CREATE FUNCTION Headers
(
    aSystem TEXT,
    aAddress TEXT,
    aCookie TEXT,
    aQuery TEXT,
    aInput TEXT,
    aBrowser TEXT,
    aReferer TEXT
)
    RETURNS TEXT AS $$
DECLARE
    vToken TEXT;
BEGIN
    --
    -- an 'x=' prefix is required for some browsers to recognise cookies
    --
    vToken := 'token='||TEXT(CURRENT_TIMESTAMP);
    RETURN vToken;
END;
$$ LANGUAGE plpgsql VOLATILE;


-- generate the response for the request identified by the token

CREATE FUNCTION Content
(
    aToken TEXT
)
    RETURNS TEXT AS $$
DECLARE
    vDocument TEXT;
BEGIN
    vDocument := 'Hello world!\nYour cookie is "'||aToken||'"';
    RETURN vDocument;
END;
$$ LANGUAGE plpgsql VOLATILE;


If the reader wishes to host several database driven web applications on the one server, this can be accomplished by defining additional server configurations as virtual hosts. However please be aware that each time Apache spawns a child process, the child may create a persistent connection to every database that you have configured. For example, if there are 3 databases being served and Apache has spawned 10 child processes, there could be 30 database connections open at that time.

To reduce the wastage in situations like this, point all the web applications to one master database, and then use the libpqSystem command in each of the virtual host definitions.
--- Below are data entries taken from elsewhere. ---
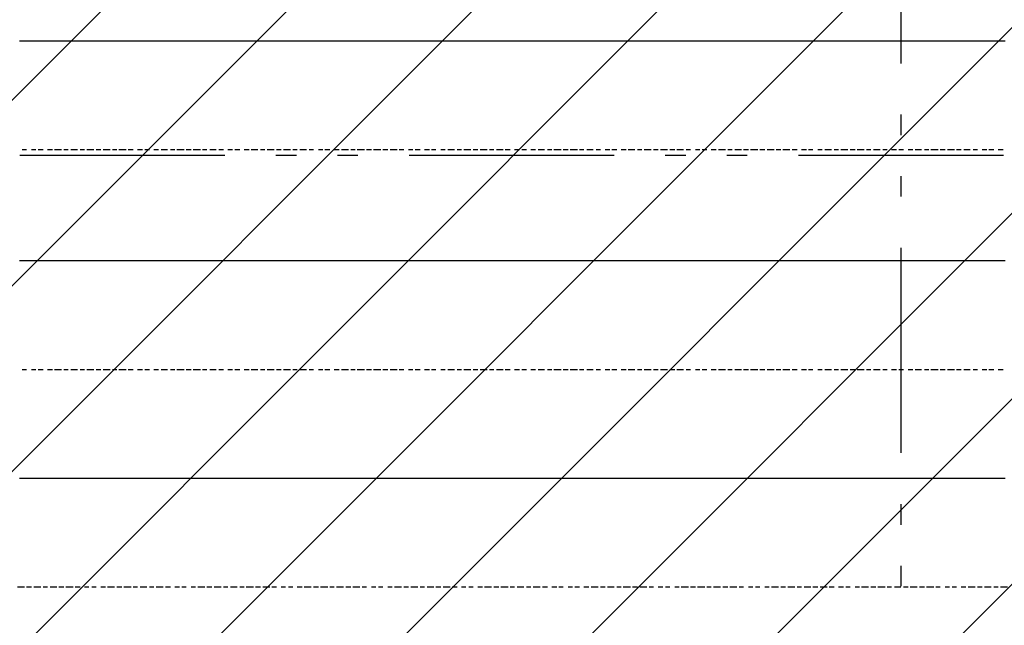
# Model space of a CAD drawing. Extents: x 997 to 109698, y 921 to 94021.
# Tile 508 of 656: x 20085 to 21887, y 46170 to 47277. Entities that reach past the tile are written whole.
import ezdxf

# ---------------------------------------------------------------- set-up
doc = ezdxf.new("R2010")
doc.units = 0
doc.header["$MEASUREMENT"] = 0
for name, color, linetype in [('12', 7, 'CONTINUOUS'), ('28', 7, 'CONTINUOUS'), ('40', 7, 'CONTINUOUS')]:
    doc.layers.add(name, color=color, linetype=linetype)

msp = doc.modelspace()

# ---------------------------------------------------------------- linework, layer by layer
at = {"layer": '12', "color": 5}
for p, q in [((20084.630503, 47238.563401), (20097.630503, 47238.563401)), ((20097.630503, 47238.563401), (20106.630503, 47238.563401)), ((20106.630503, 47238.563401), (20114.630503, 47238.563401)), ((20114.630503, 47238.563401), (20127.630503, 47238.563401)), ((20127.630503, 47238.563401), (20135.630503, 47238.563401)), ((20135.630503, 47238.563401), (20148.630503, 47238.563401)), ((20148.630503, 47238.563401), (20156.630503, 47238.563401)), ((20156.630503, 47238.563401), (20165.630503, 47238.563401)), ((20165.630503, 47238.563401), (20178.630503, 47238.563401)), ((20178.630503, 47238.563401), (20186.630503, 47238.563401)), ((20186.630503, 47238.563401), (20195.630503, 47238.563401)), ((20195.630503, 47238.563401), (20207.630503, 47238.563401)), ((20207.630503, 47238.563401), (20216.630503, 47238.563401)), ((20216.630503, 47238.563401), (20224.630503, 47238.563401)), ((20224.630503, 47238.563401), (20237.630503, 47238.563401)), ((20237.630503, 47238.563401), (20245.630503, 47238.563401)), ((20245.630503, 47238.563401), (20258.630503, 47238.563401)), ((20258.630503, 47238.563401), (20266.630503, 47238.563401)), ((20266.630503, 47238.563401), (20275.630503, 47238.563401)), ((20275.630503, 47238.563401), (20288.630503, 47238.563401)), ((20288.630503, 47238.563401), (20296.630503, 47238.563401)), ((20296.630503, 47238.563401), (20305.630503, 47238.563401)), ((20305.630503, 47238.563401), (20317.630503, 47238.563401)), ((20317.630503, 47238.563401), (20326.630503, 47238.563401)), ((20326.630503, 47238.563401), (20334.630503, 47238.563401)), ((20334.630503, 47238.563401), (20347.630503, 47238.563401)), ((20347.630503, 47238.563401), (20355.630503, 47238.563401)), ((20355.630503, 47238.563401), (20368.630503, 47238.563401)), ((20368.630503, 47238.563401), (20377.630503, 47238.563401)), ((20377.630503, 47238.563401), (20385.630503, 47238.563401)), ((20385.630503, 47238.563401), (20398.630503, 47238.563401)), ((20398.630503, 47238.563401), (20406.630503, 47238.563401)), ((20406.630503, 47238.563401), (20415.630503, 47238.563401)), ((20415.630503, 47238.563401), (20427.630503, 47238.563401)), ((20427.630503, 47238.563401), (20436.630503, 47238.563401)), ((20436.630503, 47238.563401), (20444.630503, 47238.563401)), ((20444.630503, 47238.563401), (20457.630503, 47238.563401)), ((20457.630503, 47238.563401), (20465.630503, 47238.563401)), ((20465.630503, 47238.563401), (20478.630503, 47238.563401)), ((20478.630503, 47238.563401), (20487.630503, 47238.563401)), ((20487.630503, 47238.563401), (20495.630503, 47238.563401)), ((20495.630503, 47238.563401), (20508.630503, 47238.563401)), ((20508.630503, 47238.563401), (20516.630503, 47238.563401)), ((20516.630503, 47238.563401), (20525.630503, 47238.563401)), ((20525.630503, 47238.563401), (20537.630503, 47238.563401)), ((20537.630503, 47238.563401), (20546.630503, 47238.563401)), ((20546.630503, 47238.563401), (20554.630503, 47238.563401)), ((20554.630503, 47238.563401), (20567.630503, 47238.563401)), ((20567.630503, 47238.563401), (20576.630503, 47238.563401)), ((20576.630503, 47238.563401), (20584.630503, 47238.563401)), ((20584.630503, 47238.563401), (20597.630503, 47238.563401)), ((20597.630503, 47238.563401), (20605.630503, 47238.563401)), ((20605.630503, 47238.563401), (20618.630503, 47238.563401)), ((20618.630503, 47238.563401), (20626.630503, 47238.563401)), ((20626.630503, 47238.563401), (20635.630503, 47238.563401)), ((20635.630503, 47238.563401), (20648.630503, 47238.563401)), ((20648.630503, 47238.563401), (20656.630503, 47238.563401)), ((20656.630503, 47238.563401), (20664.630503, 47238.563401)), ((20664.630503, 47238.563401), (20677.630503, 47238.563401)), ((20677.630503, 47238.563401), (20686.630503, 47238.563401)), ((20686.630503, 47238.563401), (20694.630503, 47238.563401)), ((20694.630503, 47238.563401), (20707.630503, 47238.563401)), ((20707.630503, 47238.563401), (20715.630503, 47238.563401)), ((20715.630503, 47238.563401), (20728.630503, 47238.563401)), ((20728.630503, 47238.563401), (20736.630503, 47238.563401)), ((20736.630503, 47238.563401), (20745.630503, 47238.563401)), ((20745.630503, 47238.563401), (20758.630503, 47238.563401)), ((20758.630503, 47238.563401), (20766.630503, 47238.563401)), ((20766.630503, 47238.563401), (20775.630503, 47238.563401)), ((20775.630503, 47238.563401), (20787.630503, 47238.563401)), ((20787.630503, 47238.563401), (20796.630503, 47238.563401)), ((20796.630503, 47238.563401), (20804.630503, 47238.563401)), ((20804.630503, 47238.563401), (20817.630503, 47238.563401)), ((20817.630503, 47238.563401), (20825.630503, 47238.563401)), ((20825.630503, 47238.563401), (20838.630503, 47238.563401)), ((20838.630503, 47238.563401), (20846.630503, 47238.563401)), ((20846.630503, 47238.563401), (20855.630503, 47238.563401)), ((20855.630503, 47238.563401), (20868.630503, 47238.563401)), ((20868.630503, 47238.563401), (20876.630503, 47238.563401)), ((20876.630503, 47238.563401), (20885.630503, 47238.563401)), ((20885.630503, 47238.563401), (20897.630503, 47238.563401)), ((20897.630503, 47238.563401), (20906.630503, 47238.563401)), ((20906.630503, 47238.563401), (20914.630503, 47238.563401)), ((20914.630503, 47238.563401), (20927.630503, 47238.563401)), ((20927.630503, 47238.563401), (20935.630503, 47238.563401)), ((20935.630503, 47238.563401), (20948.630503, 47238.563401)), ((20948.630503, 47238.563401), (20957.630503, 47238.563401)), ((20957.630503, 47238.563401), (20965.630503, 47238.563401)), ((20965.630503, 47238.563401), (20978.630503, 47238.563401)), ((20978.630503, 47238.563401), (20986.630503, 47238.563401)), ((20986.630503, 47238.563401), (20995.630503, 47238.563401)), ((20995.630503, 47238.563401), (21007.630503, 47238.563401)), ((21007.630503, 47238.563401), (21016.630503, 47238.563401)), ((21016.630503, 47238.563401), (21024.630503, 47238.563401)), ((21024.630503, 47238.563401), (21037.630503, 47238.563401)), ((21037.630503, 47238.563401), (21045.630503, 47238.563401)), ((21045.630503, 47238.563401), (21058.630503, 47238.563401)), ((21058.630503, 47238.563401), (21067.630503, 47238.563401)), ((21067.630503, 47238.563401), (21075.630503, 47238.563401)), ((21075.630503, 47238.563401), (21088.630503, 47238.563401)), ((21088.630503, 47238.563401), (21096.630503, 47238.563401)), ((21096.630503, 47238.563401), (21105.630503, 47238.563401)), ((21105.630503, 47238.563401), (21117.630503, 47238.563401)), ((21117.630503, 47238.563401), (21126.630503, 47238.563401)), ((21126.630503, 47238.563401), (21134.630503, 47238.563401)), ((21134.630503, 47238.563401), (21147.630503, 47238.563401)), ((21147.630503, 47238.563401), (21156.630503, 47238.563401)), ((21156.630503, 47238.563401), (21164.630503, 47238.563401)), ((21164.630503, 47238.563401), (21177.630503, 47238.563401)), ((21177.630503, 47238.563401), (21185.630503, 47238.563401)), ((21185.630503, 47238.563401), (21198.630503, 47238.563401)), ((21198.630503, 47238.563401), (21206.630503, 47238.563401)), ((21206.630503, 47238.563401), (21215.630503, 47238.563401)), ((21215.630503, 47238.563401), (21227.630503, 47238.563401)), ((21227.630503, 47238.563401), (21236.630503, 47238.563401)), ((21236.630503, 47238.563401), (21244.630503, 47238.563401)), ((21244.630503, 47238.563401), (21257.630503, 47238.563401)), ((21257.630503, 47238.563401), (21266.630503, 47238.563401)), ((21266.630503, 47238.563401), (21274.630503, 47238.563401)), ((21274.630503, 47238.563401), (21287.630503, 47238.563401)), ((21287.630503, 47238.563401), (21295.630503, 47238.563401)), ((21295.630503, 47238.563401), (21308.630503, 47238.563401)), ((21308.630503, 47238.563401), (21316.630503, 47238.563401)), ((21316.630503, 47238.563401), (21325.630503, 47238.563401)), ((21325.630503, 47238.563401), (21338.630503, 47238.563401)), ((21338.630503, 47238.563401), (21346.630503, 47238.563401)), ((21346.630503, 47238.563401), (21354.630503, 47238.563401)), ((21354.630503, 47238.563401), (21367.630503, 47238.563401)), ((21367.630503, 47238.563401), (21376.630503, 47238.563401)), ((21376.630503, 47238.563401), (21384.630503, 47238.563401)), ((21384.630503, 47238.563401), (21397.630503, 47238.563401)), ((21397.630503, 47238.563401), (21405.630503, 47238.563401)), ((21405.630503, 47238.563401), (21418.630503, 47238.563401)), ((21418.630503, 47238.563401), (21426.630503, 47238.563401)), ((21426.630503, 47238.563401), (21435.630503, 47238.563401)), ((21435.630503, 47238.563401), (21448.630503, 47238.563401)), ((21448.630503, 47238.563401), (21456.630503, 47238.563401)), ((21456.630503, 47238.563401), (21465.630503, 47238.563401)), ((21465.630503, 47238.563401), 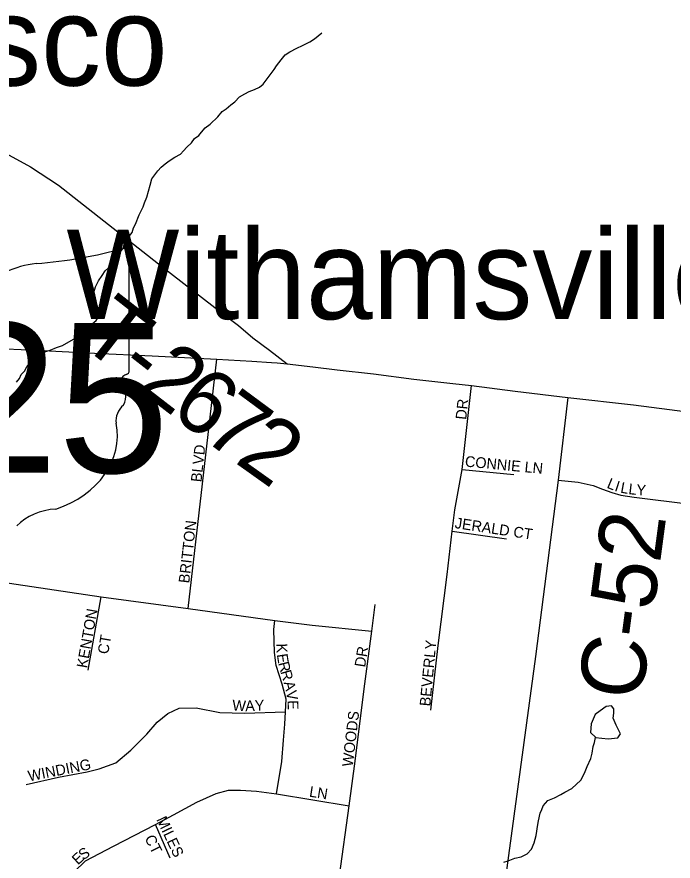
# Model space of a CAD drawing. Extents: x 1310247 to 1664935, y 235267 to 584339.
# Drawn here: x 1459840 to 1462894, y 390661 to 394589 of the extents above; entities that cross this region are included whole.
import ezdxf

# ---------------------------------------------------------------- set-up
doc = ezdxf.new("R2010")
doc.units = 0
for name, color, linetype in [('GM_X_County_Road', 7, 'Continuous'), ('GM_X_County_Road_Text', 7, 'Continuous'), ('GM_X_Minor_Lake', 7, 'Continuous'), ('GM_X_Minor_River', 7, 'Continuous'), ('GM_X_State_Route', 7, 'Continuous'), ('GM_X_State_Shield', 7, 'Continuous'), ('GM_X_Township_Road', 7, 'Continuous'), ('GM_X_Township_Road_Text', 7, 'Continuous'), ('GM_X_Township_Subdivision', 7, 'Continuous'), ('GM_X_Township_Subdivision_Text', 7, 'Continuous'), ('GM_X_Unincorporated_Text', 7, 'Continuous')]:
    doc.layers.add(name, color=color, linetype=linetype)

msp = doc.modelspace()

# ---------------------------------------------------------------- linework, layer by layer
at = {"layer": 'GM_X_County_Road'}
msp.add_lwpolyline([(1462404.7, 392817.9), (1462358.7, 392433.7), (1462254, 391613.4), (1462098.9, 390469.2), (1462010.3, 389793.7), (1462003.2, 389755.8), (1461998.5, 389729.9), (1461991.9, 389706), (1461970.8, 389666.4), (1461917.1, 389634.8), (1461669.9, 389506), (1461608.4, 389476.8)], dxfattribs=at)
at = {"layer": 'GM_X_Minor_Lake'}
for points in [[(1462533.7, 391236.5), (1462592.1, 391229.5), (1462636.3, 391234.6), (1462648.7, 391252.4), (1462629.4, 391292.9), (1462616, 391325.2), (1462618.5, 391349.2), (1462618.9, 391369.3), (1462607.2, 391383.6), (1462583, 391380), (1462554.6, 391360.6)], [(1462554.6, 391360.6), (1462532.2, 391343), (1462513.3, 391299.2), (1462510.5, 391259.2), (1462533.9, 391236.5)]]:
    msp.add_lwpolyline(points, dxfattribs=at)
at = {"layer": 'GM_X_Minor_River'}
for points in [[(1459838.8, 392889.1), (1459853.2, 392907), (1459859.5, 392924.9), (1459875.8, 392940.7), (1459886.2, 392960.6), (1459908.7, 392988.3), (1459923.1, 393006.1), (1459955.4, 393021.6), (1459975.7, 393031.3), (1459995.9, 393038.9), (1460024.2, 393050.5), (1460052.4, 393060), (1460103.1, 393089.2), (1460133.4, 393100.7), (1460159.9, 393124.4), (1460176.2, 393136.1), (1460190.6, 393160), (1460208.9, 393175.7), (1460221.3, 393195.5), (1460221.7, 393217.6), (1460214.1, 393245.8), (1460206.4, 393264), (1460198.7, 393280.2), (1460199.1, 393306.3), (1460205.5, 393332.3), (1460220.1, 393360.1), (1460236.6, 393385.9), (1460251, 393407.8), (1460267.3, 393421.5), (1460296, 393457.1), (1460312.5, 393487), (1460335, 393510.6), (1460339.3, 393528.6), (1460364.1, 393570.3), (1460376.4, 393586.2), (1460382.8, 393608.1), (1460393.1, 393624), (1460409.9, 393667.9), (1460428.6, 393705.7), (1460434.9, 393723.6), (1460445.4, 393749.5), (1460460.4, 393805.5), (1460468.9, 393835.4), (1460495.7, 393873.1), (1460512, 393888.9), (1460530.3, 393904.6), (1460548.6, 393918.3), (1460575, 393935.9), (1460601.3, 393949.5), (1460615.6, 393965.3), (1460632, 393983.1), (1460652.4, 394002.8), (1460666.8, 394022.6), (1460687.1, 394036.3), (1460699.4, 394052.1), (1460715.8, 394071.9), (1460740.2, 394089.6), (1460774.8, 394123.1), (1460795.4, 394148.8), (1460813.6, 394160.5), (1460836, 394180.2), (1460854.3, 394193.9), (1460876.8, 394217.6), (1460901.1, 394231.3), (1460921.4, 394240.9), (1460945.6, 394250.5), (1460969.9, 394262.2), (1460986.2, 394275.9), (1461014.9, 394313.5), (1461037.5, 394343.3), (1461047.8, 394361.1), (1461070.4, 394388.8), (1461088.8, 394412.6), (1461111.1, 394426.2), (1461143.6, 394443.8), (1461169.8, 394455.3), (1461204.3, 394472.8), (1461224.6, 394486.5), (1461242.9, 394500.2), (1461259.2, 394514)], [(1462105.8, 390655.9), (1462126, 390661.5), (1462158.3, 390675), (1462186.5, 390680.5), (1462214.8, 390694.1), (1462235.3, 390715.8), (1462247.8, 390745.7), (1462256.4, 390779.7), (1462260.8, 390799.7), (1462263.2, 390821.7), (1462267.6, 390847.7), (1462276.2, 390883.7), (1462282.6, 390901.6), (1462288.8, 390917.6), (1462311.4, 390943.3), (1462341.7, 390954.8), (1462372, 390970.3), (1462390.3, 390982), (1462422.7, 390999.5), (1462465.5, 391036.9), (1462482.1, 391070.7), (1462494.7, 391100.6), (1462511.4, 391138.5), (1462517.8, 391162.4), (1462522.3, 391194.5), (1462528.6, 391212.4), (1462533.7, 391236.5)]]:
    msp.add_lwpolyline(points, dxfattribs=at)
at = {"layer": 'GM_X_State_Route'}
for points in [[(1459718.2, 393047.6), (1459932.3, 393037.5), (1460201.3, 393024.9), (1460470.2, 393012.3), (1460771.1, 392996.3), (1460933.1, 392987), (1461025.5, 392981.1), (1461051.6, 392978.6)], [(1461051.6, 392978.6), (1461098.2, 392974.2), (1461217.8, 392960.4), (1461330.8, 392947.1), (1461500.3, 392927.7), (1461687.5, 392903.9), (1461869.4, 392882.7), (1461955.9, 392873), (1462160, 392847.2), (1462404.7, 392817.9), (1462710, 392783.8), (1462961.4, 392751.8), (1463166, 392724.3), (1463166.6, 392724.2)]]:
    msp.add_lwpolyline(points, dxfattribs=at)
at = {"layer": 'GM_X_State_Shield'}
for p, q in [((1460362.9, 392942.3), (1460362.9, 393495)), ((1460362.8, 392942.4), (1460362.9, 392942.3))]:
    msp.add_line(p, q, dxfattribs=at)
for centre, major_axis, start_param, end_param in [((1459743, 394909.4), (1845.5, 0), 4.814394, 5.042369), ((1460343.6, 393497.3), (19.4, 0), 6.141152, 7.989035), ((1459978.4, 393146.1), (371.3, 0), 1.699011, 2.107814), ((1460358.5, 392901.7), (30, 0), 1.883978, 3.671073), ((1460342.3, 392940.1), (20.7, 0), 5.05454, 6.418171), ((1460167.7, 392831.8), (180, 0), 5.934695, 6.695948), ((1460432.3, 392711), (130.9, 0), 2.387724, 3.262537), ((1459846.4, 392640.6), (461.6, 0), 5.101752, 6.440018), ((1460041.1, 392097.4), (252.8, 0), 1.647645, 2.488434)]:
    msp.add_ellipse(centre, major_axis=major_axis, ratio=0.8, start_param=start_param, end_param=end_param, dxfattribs=at)
at = {"layer": 'GM_X_Township_Road'}
msp.add_lwpolyline([(1458126.7, 394223.6), (1458569.8, 394181.1), (1458923.8, 394138.4), (1459084.6, 394109.6), (1459305.7, 394062.2), (1459498.2, 394024.9), (1459693.7, 393976.7), (1459804.6, 393944.7), (1459903.8, 393890.7), (1460033.6, 393806.1), (1460520.8, 393422.4), (1460795, 393210.9), (1460872.4, 393152.4), (1460938.3, 393095.7), (1461015.2, 393037.5), (1461098.2, 392974.2)], dxfattribs=at)
at = {"layer": 'GM_X_Township_Subdivision'}
for points in [[(1460636.9, 391835.7), (1460771.1, 392996.3)], [(1461767, 391363.7), (1461800.8, 391663.4), (1461842.4, 391995.1), (1461866, 392196.2), (1461878.3, 392294.7), (1461912.4, 392483.1), (1461955.9, 392873)], [(1461912.4, 392483.1), (1462153.8, 392459.4)], [(1462358.7, 392433.7), (1462452.1, 392424.1), (1462522.6, 392408.6), (1462565.3, 392390.8), (1462609.1, 392376.6), (1462651.2, 392363), (1462713.4, 392354.1), (1463238, 392288.3)], [(1461866, 392196.2), (1462118.4, 392160.8)], [(1459561.2, 391990.1), (1459565.1, 391990), (1459648.5, 391978.3), (1459764.5, 391960), (1460232.3, 391891), (1460636.9, 391835.7), (1461041.5, 391780.5), (1461214.3, 391758.1), (1461491.6, 391731.5)], [(1460171.7, 391549.9), (1460232.3, 391891)], [(1461014.3, 389893.9), (1461216.1, 390029.8), (1461248.8, 390059.4), (1461271.1, 390102), (1461290.3, 390173.6), (1461341.4, 390592.8), (1461386.2, 390918), (1461414.6, 391126.5), (1461456.7, 391462.8), (1461491.6, 391731.5), (1461507.7, 391855.1)], [(1461048.1, 390973.5), (1461073, 391125), (1461080.4, 391223.2), (1461087.3, 391298.2), (1461090.8, 391354.7), (1461093.2, 391414.7), (1461075.6, 391484.1), (1461047.3, 391571.1), (1461039.1, 391631.1), (1461036.7, 391738.1), (1461041.5, 391780.5)], [(1459884, 391017.4), (1460034.6, 391050.8), (1460167.2, 391076.5), (1460223.4, 391089.6), (1460300.3, 391118.7), (1460370, 391176.7), (1460445.1, 391251.8), (1460493.4, 391307.5), (1460543.3, 391347.6), (1460595.4, 391373), (1460675.4, 391374.3), (1460784.4, 391352.4), (1460899.6, 391348.8), (1461090.8, 391354.7)], [(1460038.7, 390278.4), (1460064.2, 390446.6), (1460075.1, 390518.4), (1460087.8, 390556.3), (1460107.6, 390610.7), (1460159.8, 390662.9), (1460290.2, 390730), (1460485.3, 390831.8), (1460568.5, 390876.5), (1460677.9, 390934.9), (1460767.3, 390976), (1460824.5, 390990.9), (1460880.4, 390990.9), (1460955, 390985.9), (1461048.1, 390973.5), (1461386.2, 390918)], [(1460554.1, 390674.4), (1460485.3, 390831.8)]]:
    msp.add_lwpolyline(points, dxfattribs=at)

# ---------------------------------------------------------------- texts
at = {"layer": 'GM_X_County_Road_Text'}
msp.add_text('C-52', height=300, rotation=82.4056, dxfattribs=at).set_placement((1462747.7, 391402.1))
at = {"layer": 'GM_X_State_Shield'}
msp.add_text('125', height=696.1, dxfattribs=at).set_placement((1458995.9, 392468.5))
at = {"layer": 'GM_X_Township_Road_Text'}
for s, rotation, p in [('T', 322.0998, (1460120.4, 393075.4)), ('-', 322.1586, (1460297.7, 392937.3)), ('2', 322.3321, (1460395.8, 392861.1)), ('6', 322.8517, (1460544.4, 392746.4)), ('7', 323.5517, (1460694.9, 392632.4)), ('2', 324.5879, (1460848.4, 392519.1))]:
    msp.add_text(s, height=300, rotation=rotation, dxfattribs=at).set_placement(p)
at = {"layer": 'GM_X_Township_Subdivision_Text'}
for s, rotation, p in [('DR', 83.9934, (1461931.3, 392712.8)), ('BLVD', 83.9889, (1460699.3, 392422.4)), ('CONNIE LN', 354.5963, (1461923.9, 392496.8)), ('L', 337.7521, (1462582.5, 392399)), ('I', 341.8591, (1462618.7, 392384.4)), ('L', 349.4442, (1462646.5, 392375.8)), ('L', 353.3949, (1462684.7, 392368.8)), ('Y', 355.804, (1462721.9, 392364.5)), ('BRITTON', 83.3453, (1460642.1, 391951.7)), ('JERALD CT', 351.4299, (1461876.1, 392210.7)), ('KENTON', 79.8769, (1460167, 391556.3)), ('CT', 80.5318, (1460265, 391621.2)), ('K', 271.5304, (1461048.1, 391673.1)), ('DR', 81.0215, (1461460.6, 391560.5)), ('BEVERLY', 84.6436, (1461764.1, 391379.5)), ('E', 278.6395, (1461049.8, 391622.4)), ('R', 284.3303, (1461056.2, 391582.2)), ('R', 286.3863, (1461066.5, 391542)), ('A', 284.6034, (1461081.2, 391491.7)), ('V', 280.0624, (1461092.1, 391450.1)), ('W', 356.6355, (1460841.6, 391361.6)), ('A', 1.7397, (1460903.6, 391358.2)), ('Y', 2.6083, (1460948.4, 391359.6)), ('E', 271.9947, (1461099.6, 391408.7)), ('WOODS', 83.2894, (1461403.3, 391098.1)), ('WINDING', 11.13, (1459897.3, 391031.5)), ('LN', 351.0327, (1461198.5, 390961.1)), ('MILES', 295.3422, (1460488.4, 390854.7)), ('CT', 296.576, (1460433.3, 390768)), ('S', 35.5694, (1460149, 390663.2)), ('E', 42.5071, (1460124.3, 390640.4))]:
    msp.add_text(s, height=50, rotation=rotation, dxfattribs=at).set_placement(p)
at = {"layer": 'GM_X_Unincorporated_Text'}
for s, p in [('Tobasco', (1458403.1, 394269.2)), ('Withamsville', (1460070.7, 393182.4))]:
    msp.add_text(s, height=417, rotation=0, dxfattribs=at).set_placement(p)

doc.saveas('drawing.dxf')

The value set by the libpqSystem command is passed to the SQL function which can take the appropriate action. Typically, a master database is used to process the request headers and perform authentication and logging, and then when the web server asks for the document content, the request can be relayed by the master database to another host via a pool of connections that was created with the PostgreSQL dblink library for handling inter-database queries.

Creating and maintaining sophisticated web applications that are written purely in SQL is a very interesting area of application in itself and there will be more code posted here on the subject in the near future.